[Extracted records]
::::

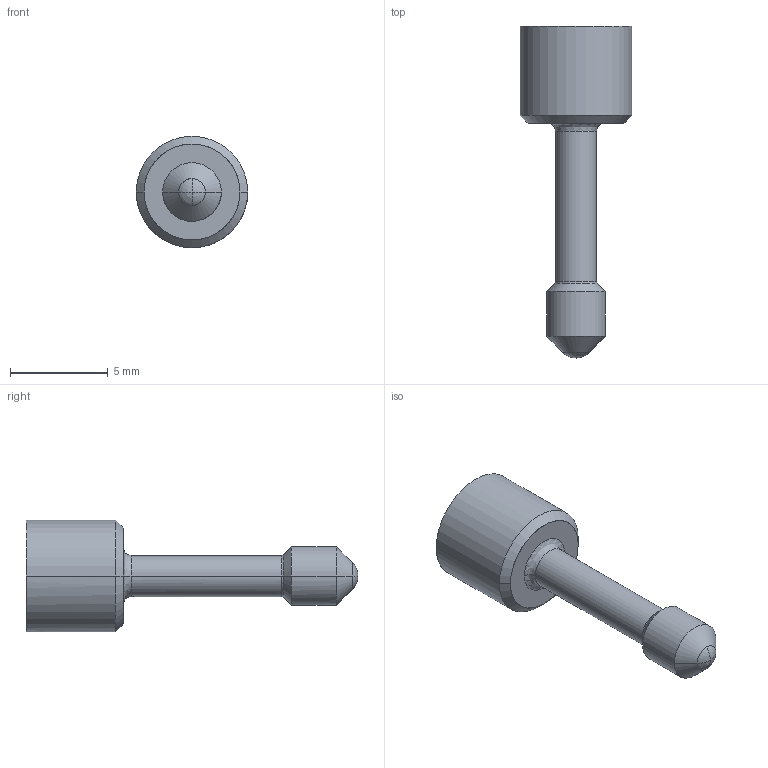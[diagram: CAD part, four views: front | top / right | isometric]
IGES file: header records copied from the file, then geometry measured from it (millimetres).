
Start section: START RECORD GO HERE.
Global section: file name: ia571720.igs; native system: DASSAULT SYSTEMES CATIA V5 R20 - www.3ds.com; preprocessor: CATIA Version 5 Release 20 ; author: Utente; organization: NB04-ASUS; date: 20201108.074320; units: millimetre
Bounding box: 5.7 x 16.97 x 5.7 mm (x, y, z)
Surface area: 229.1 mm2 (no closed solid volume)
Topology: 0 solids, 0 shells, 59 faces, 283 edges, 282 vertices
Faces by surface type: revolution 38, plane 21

::::

## TO DO
Here the answer is the exact run of lines above, from the line with "IGES file: header" down to the last, and nothing else.

## RESULT
IGES file: header records copied from the file, then geometry measured from it (millimetres).
Start section: START RECORD GO HERE.
Global section: file name: ia571720.igs; native system: DASSAULT SYSTEMES CATIA V5 R20 - www.3ds.com; preprocessor: CATIA Version 5 Release 20 ; author: Utente; organization: NB04-ASUS; date: 20201108.074320; units: millimetre
Bounding box: 5.7 x 16.97 x 5.7 mm (x, y, z)
Surface area: 229.1 mm2 (no closed solid volume)
Topology: 0 solids, 0 shells, 59 faces, 283 edges, 282 vertices
Faces by surface type: revolution 38, plane 21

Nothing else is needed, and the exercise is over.